I was prompted to pluck this book from my “to be read” pile when I noticed on Twitter that Shirley Hughes was celebrating her 90th birthday a couple of weeks ago. There were many things that I loved about this book and made it stand out for me.
Firstly, the setting, which is Florence in 1944. I found it different and interesting to read a WWII story set not just outside Britain, but in one of the Triple Alliance nations, giving me a different perspective on a part of history that I have studied in school this year.
The main character in the book is thirteen year-old Paolo Crivelli – the eponymous Hero on a Bicycle. However, his sister Constanza and his English mother Rosemary also feature as very strong characters.
In the opening chapter of the book Paolo is taking a secret night-time ride around the streets of Florence when he is suddenly grabbed my two men who command him to relay a message to his mother. Thus he and the reader are thrust into a story of courage and endurance and battling against a seemingly much stronger enemy.

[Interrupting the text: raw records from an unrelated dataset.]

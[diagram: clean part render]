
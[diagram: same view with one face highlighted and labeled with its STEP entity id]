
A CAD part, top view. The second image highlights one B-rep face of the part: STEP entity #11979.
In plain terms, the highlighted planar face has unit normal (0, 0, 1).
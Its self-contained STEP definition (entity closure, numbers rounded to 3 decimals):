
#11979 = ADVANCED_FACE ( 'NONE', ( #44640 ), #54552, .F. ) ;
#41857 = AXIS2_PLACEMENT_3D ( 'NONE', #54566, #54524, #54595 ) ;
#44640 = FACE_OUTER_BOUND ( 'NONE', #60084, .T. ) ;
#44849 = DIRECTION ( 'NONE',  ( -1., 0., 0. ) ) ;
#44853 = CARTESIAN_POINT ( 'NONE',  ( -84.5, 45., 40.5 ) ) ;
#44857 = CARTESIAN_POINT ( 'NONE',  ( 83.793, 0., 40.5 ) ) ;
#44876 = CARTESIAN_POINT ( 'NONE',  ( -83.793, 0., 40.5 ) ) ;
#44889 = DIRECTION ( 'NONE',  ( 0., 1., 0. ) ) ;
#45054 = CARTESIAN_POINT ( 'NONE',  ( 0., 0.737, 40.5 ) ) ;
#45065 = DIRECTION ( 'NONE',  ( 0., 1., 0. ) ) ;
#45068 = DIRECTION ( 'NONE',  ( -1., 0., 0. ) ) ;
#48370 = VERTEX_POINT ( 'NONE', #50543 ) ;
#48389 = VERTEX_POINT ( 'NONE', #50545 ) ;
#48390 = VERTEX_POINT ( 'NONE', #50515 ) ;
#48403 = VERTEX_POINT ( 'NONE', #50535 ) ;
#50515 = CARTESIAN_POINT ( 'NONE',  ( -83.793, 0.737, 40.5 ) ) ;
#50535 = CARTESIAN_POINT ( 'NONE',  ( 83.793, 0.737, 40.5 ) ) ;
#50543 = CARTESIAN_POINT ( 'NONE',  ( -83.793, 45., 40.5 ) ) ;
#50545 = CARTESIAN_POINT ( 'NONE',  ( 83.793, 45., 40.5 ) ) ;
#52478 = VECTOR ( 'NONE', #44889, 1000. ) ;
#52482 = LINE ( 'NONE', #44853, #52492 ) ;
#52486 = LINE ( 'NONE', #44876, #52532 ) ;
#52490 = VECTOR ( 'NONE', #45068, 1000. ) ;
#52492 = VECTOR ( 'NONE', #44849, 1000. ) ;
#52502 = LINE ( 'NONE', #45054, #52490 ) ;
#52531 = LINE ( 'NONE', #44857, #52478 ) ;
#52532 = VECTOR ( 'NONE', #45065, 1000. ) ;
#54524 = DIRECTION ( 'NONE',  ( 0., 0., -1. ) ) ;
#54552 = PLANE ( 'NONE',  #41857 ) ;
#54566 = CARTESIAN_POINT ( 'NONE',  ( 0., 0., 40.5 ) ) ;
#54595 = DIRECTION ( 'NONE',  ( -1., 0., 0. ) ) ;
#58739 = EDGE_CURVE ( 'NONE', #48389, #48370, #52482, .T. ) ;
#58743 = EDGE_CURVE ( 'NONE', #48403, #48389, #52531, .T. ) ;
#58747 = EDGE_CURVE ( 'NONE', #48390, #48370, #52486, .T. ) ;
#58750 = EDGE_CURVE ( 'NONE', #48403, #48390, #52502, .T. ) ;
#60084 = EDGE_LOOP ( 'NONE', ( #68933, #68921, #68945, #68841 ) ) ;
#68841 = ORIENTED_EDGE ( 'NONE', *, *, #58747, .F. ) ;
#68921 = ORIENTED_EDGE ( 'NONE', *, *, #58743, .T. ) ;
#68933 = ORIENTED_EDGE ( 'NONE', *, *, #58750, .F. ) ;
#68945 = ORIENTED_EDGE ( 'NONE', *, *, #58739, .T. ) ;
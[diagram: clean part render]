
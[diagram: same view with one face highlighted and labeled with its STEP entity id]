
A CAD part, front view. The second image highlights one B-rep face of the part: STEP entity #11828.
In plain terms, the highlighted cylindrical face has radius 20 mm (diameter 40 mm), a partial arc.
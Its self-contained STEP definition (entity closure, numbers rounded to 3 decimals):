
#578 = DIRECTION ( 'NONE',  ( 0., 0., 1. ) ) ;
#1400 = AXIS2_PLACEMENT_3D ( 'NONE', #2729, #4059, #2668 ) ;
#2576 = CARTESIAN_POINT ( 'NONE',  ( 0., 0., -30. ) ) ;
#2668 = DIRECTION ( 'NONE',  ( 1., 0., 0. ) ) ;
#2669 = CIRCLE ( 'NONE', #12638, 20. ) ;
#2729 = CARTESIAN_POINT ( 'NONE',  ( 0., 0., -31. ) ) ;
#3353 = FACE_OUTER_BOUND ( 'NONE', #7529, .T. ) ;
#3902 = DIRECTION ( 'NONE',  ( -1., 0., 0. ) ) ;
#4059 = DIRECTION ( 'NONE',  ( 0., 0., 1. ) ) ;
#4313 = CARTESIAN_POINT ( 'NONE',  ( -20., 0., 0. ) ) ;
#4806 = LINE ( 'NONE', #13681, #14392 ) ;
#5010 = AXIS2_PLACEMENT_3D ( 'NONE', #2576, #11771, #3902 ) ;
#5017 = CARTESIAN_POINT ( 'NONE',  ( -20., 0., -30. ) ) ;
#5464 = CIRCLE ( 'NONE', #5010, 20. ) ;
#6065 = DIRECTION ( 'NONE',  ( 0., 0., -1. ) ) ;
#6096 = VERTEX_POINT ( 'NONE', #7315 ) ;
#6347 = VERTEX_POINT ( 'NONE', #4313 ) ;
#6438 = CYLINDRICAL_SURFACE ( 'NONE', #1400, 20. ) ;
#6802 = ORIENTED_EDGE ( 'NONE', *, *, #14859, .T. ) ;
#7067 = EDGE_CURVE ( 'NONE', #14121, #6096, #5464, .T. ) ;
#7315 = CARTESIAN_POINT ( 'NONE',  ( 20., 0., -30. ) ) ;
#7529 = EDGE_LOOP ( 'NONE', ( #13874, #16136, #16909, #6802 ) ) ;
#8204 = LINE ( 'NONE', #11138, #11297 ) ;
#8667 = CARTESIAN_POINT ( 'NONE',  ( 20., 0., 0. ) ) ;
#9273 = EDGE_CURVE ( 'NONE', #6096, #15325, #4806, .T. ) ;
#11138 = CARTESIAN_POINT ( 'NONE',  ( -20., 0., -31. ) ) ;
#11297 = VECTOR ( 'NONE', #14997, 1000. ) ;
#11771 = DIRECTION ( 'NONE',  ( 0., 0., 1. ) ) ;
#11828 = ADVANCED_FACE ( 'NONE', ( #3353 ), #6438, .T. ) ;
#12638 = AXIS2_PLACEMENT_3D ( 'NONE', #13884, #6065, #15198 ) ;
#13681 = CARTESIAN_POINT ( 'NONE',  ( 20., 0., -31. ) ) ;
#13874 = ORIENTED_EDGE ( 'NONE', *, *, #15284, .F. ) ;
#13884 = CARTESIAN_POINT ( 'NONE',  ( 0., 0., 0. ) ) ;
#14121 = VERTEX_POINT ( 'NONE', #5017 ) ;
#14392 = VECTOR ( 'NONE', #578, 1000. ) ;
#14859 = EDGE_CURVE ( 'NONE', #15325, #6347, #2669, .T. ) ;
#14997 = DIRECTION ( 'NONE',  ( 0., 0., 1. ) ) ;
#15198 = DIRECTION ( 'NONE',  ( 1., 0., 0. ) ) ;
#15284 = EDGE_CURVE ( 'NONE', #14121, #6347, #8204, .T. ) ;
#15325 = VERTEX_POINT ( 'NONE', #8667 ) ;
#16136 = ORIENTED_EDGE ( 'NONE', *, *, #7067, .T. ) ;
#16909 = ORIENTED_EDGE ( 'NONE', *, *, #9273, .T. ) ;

Every character in the book was beautifully well-written including less major characters such as Hilaria Albertini – a neighbour from a fascist sympathising family; and Lieutenant Helmut Grass – a young and compassionate officer. Another interesting aspect of the book was that it was set near the end of World War 2, with more emphasis on fear of exhaustion and starvation rather than bombing and fighting. By the end of the novel, each character has grown up and changed after the experiences they have overcome.
I would rate this book as an essential read, along with “When Hitler Stole Pink Rabbit” by Judith Kerr and ” Letters from the Lighthouse” by Emma Carroll for anyone in late KS2 or KS3.